Prove that: \[if:\mathop {\lim }\limits_{n \to \infty } {a_n} = a\] then \[\mathop {\lim }\limits_{n \to \infty } \frac{{{a_1} + 2{a_2} + ... + n{a_n}}} {{{n^2}}} = \frac{a} {2}\]
Can I use L'hospital Rule Like that: \[\mathop {\lim }\limits_{n \to \infty } \frac{{\sum\nolimits_{k = 1}^n {k{a_k}} }} {{{n^2}}} = \mathop {\lim }\limits_{n \to \infty } \frac{{\sum\nolimits_{k = 1}^n {{a_k}} }} {{2n}} = \mathop {\lim }\limits_{n \to \infty } \frac{{an}} {{2n}} = \frac{a} {2}\] Is it a rigorous way to prove that? Please tell me your thought. It will be a appreciated.

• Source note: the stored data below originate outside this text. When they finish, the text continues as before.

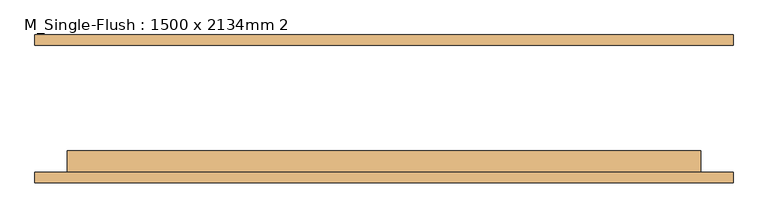
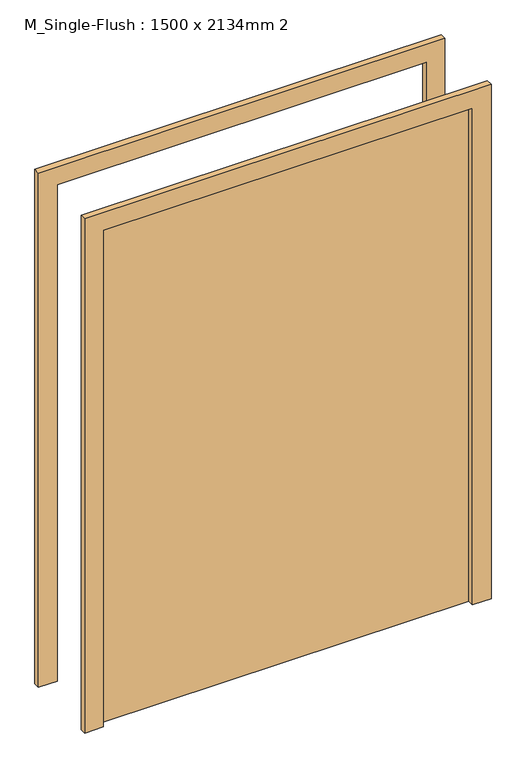
"""IFC4 building model written with IfcOpenShell, lengths in millimetres: door geometry, M_Single-Flush : 1500 x 2134mm 2."""

from ifc_helpers import new_model, si_unit, frame, origin, origin_with_axes, place, context, project, spatial, polyline, outline, extrude, source, transform, mapped, element, save


def m_single_flush_1500_x_2134mm_2_edebd810(model_context):
    return source(origin(), model_context, "Body", "SweptSolid", [
        extrude(outline(polyline([(2210.0, -826.0), (0.0, -826.0), (0.0, -750.0), (2134.0, -750.0), (2134.0, 750.0), (0.0, 750.0), (0.0, 826.0), (2210.0, 826.0), (2210.0, -826.0)])), frame((0.0, -175.0, 0.0), z_axis=(0.0, 1.0, 0.0), x_axis=(0.0, 0.0, 1.0)), (0.0, 0.0, 1.0), 25.0),
        extrude(outline(polyline([(2210.0, 826.0), (2210.0, -826.0), (0.0, -826.0), (0.0, -750.0), (2134.0, -750.0), (2134.0, 750.0), (0.0, 750.0), (0.0, 826.0), (2210.0, 826.0)])), frame((0.0, 150.0, 0.0), z_axis=(0.0, 1.0, 0.0), x_axis=(0.0, 0.0, 1.0)), (0.0, 0.0, 1.0), 25.0),
        extrude(outline(polyline([(750.0, -99.0), (750.0, -150.0), (-750.0, -150.0), (-750.0, -99.0), (750.0, -99.0)])), origin_with_axes(), (0.0, 0.0, 1.0), 2134.0),
    ])


if __name__ == "__main__":
    model = new_model("IFC4")
    model_context = context("Model", 3, world=origin())
    ifc_project = project(units=[si_unit("LENGTHUNIT", "METRE", prefix="MILLI")], contexts=[model_context])
    site = spatial("IfcSite", under=ifc_project)
    building = spatial("IfcBuilding", under=site)
    placement = place(None, origin())
    m_single_flush_1500_x_2134mm_2_shape = m_single_flush_1500_x_2134mm_2_edebd810(model_context)
    element("IfcDoor", 1, ObjectType="M_Single-Flush : 1500 x 2134mm 2", at=placement, inside=building, context=model_context, shape_type="MappedRepresentation", body=[
        mapped(m_single_flush_1500_x_2134mm_2_shape, transform((0.0, 0.0, 0.0), x_axis=(1.0, 0.0, 0.0), y_axis=(0.0, 1.0, 0.0), z_axis=(0.0, 0.0, 1.0))),
    ])
    save(model, "model.ifc")

# Revit data of these elements
# Type "M_Single-Flush : 1500 x 2134mm 2"
#   Type Mark = "34"
#   Thickness = 0.051 m
#   Height = 2.134 m
#   Trim Projection Ext = 0.025 m
#   Trim Projection Int = 0.025 m
#   Trim Width = 0.076 m
#   Width = 1.500 m
#   Door Material = Door - Panel
#   Frame Material = Door - Frame
#   Function = (empty or 0)
#   Wall Closure = (empty or 0)
# Element 1 (IfcDoor, "M_Single-Flush : 1500 x 2134mm 2")
#   Materials on its faces: "Door - Frame", "Door - Panel"
# Materials
#   "Door - Panel": class "Wood", colour RGB 210 159 95, transparency 0
#   "Door - Frame": class "Miscellaneous", colour RGB 118 70 51, transparency 0

i am thinking. maybe can prove it directly?
we can use l'hospital
I don't know how to do that, I want to use the precise definiition of series limit.
you need epsilon, N proof? because it looks like you should get \[a\sum_{k=1}^nk=\frac{a(n(n+1)}{2}\]
divide by n^2 take the limit in your head
In fact, it is a question from mathematical analysis. So yes, epsilon, N proof will be best.
\[\lim_{n \rightarrow \infty}\frac{a_1+a_2+\cdot \cdot \cdot n a_n}{n^2} \cdot \frac{\frac{1}{n^2}}{\frac{1}{n^2}}\]\[=\lim_{n \rightarrow \infty}\frac{\frac{a_1}{n^2}+\frac{a_2}{n^2}+ \cdot \cdot \cdot +\frac{n a_n}{n^2}}{\frac{n^2}{n^2}}\] \[=\lim_{n \rightarrow \infty}\frac{0+0+\cdot \cdot \cdot +\frac{1}{n}a_n}{1}=\lim_{n \rightarrow \infty}\frac{a_n}{n}=0\] ? how can we show its \[\frac{a}{2}\]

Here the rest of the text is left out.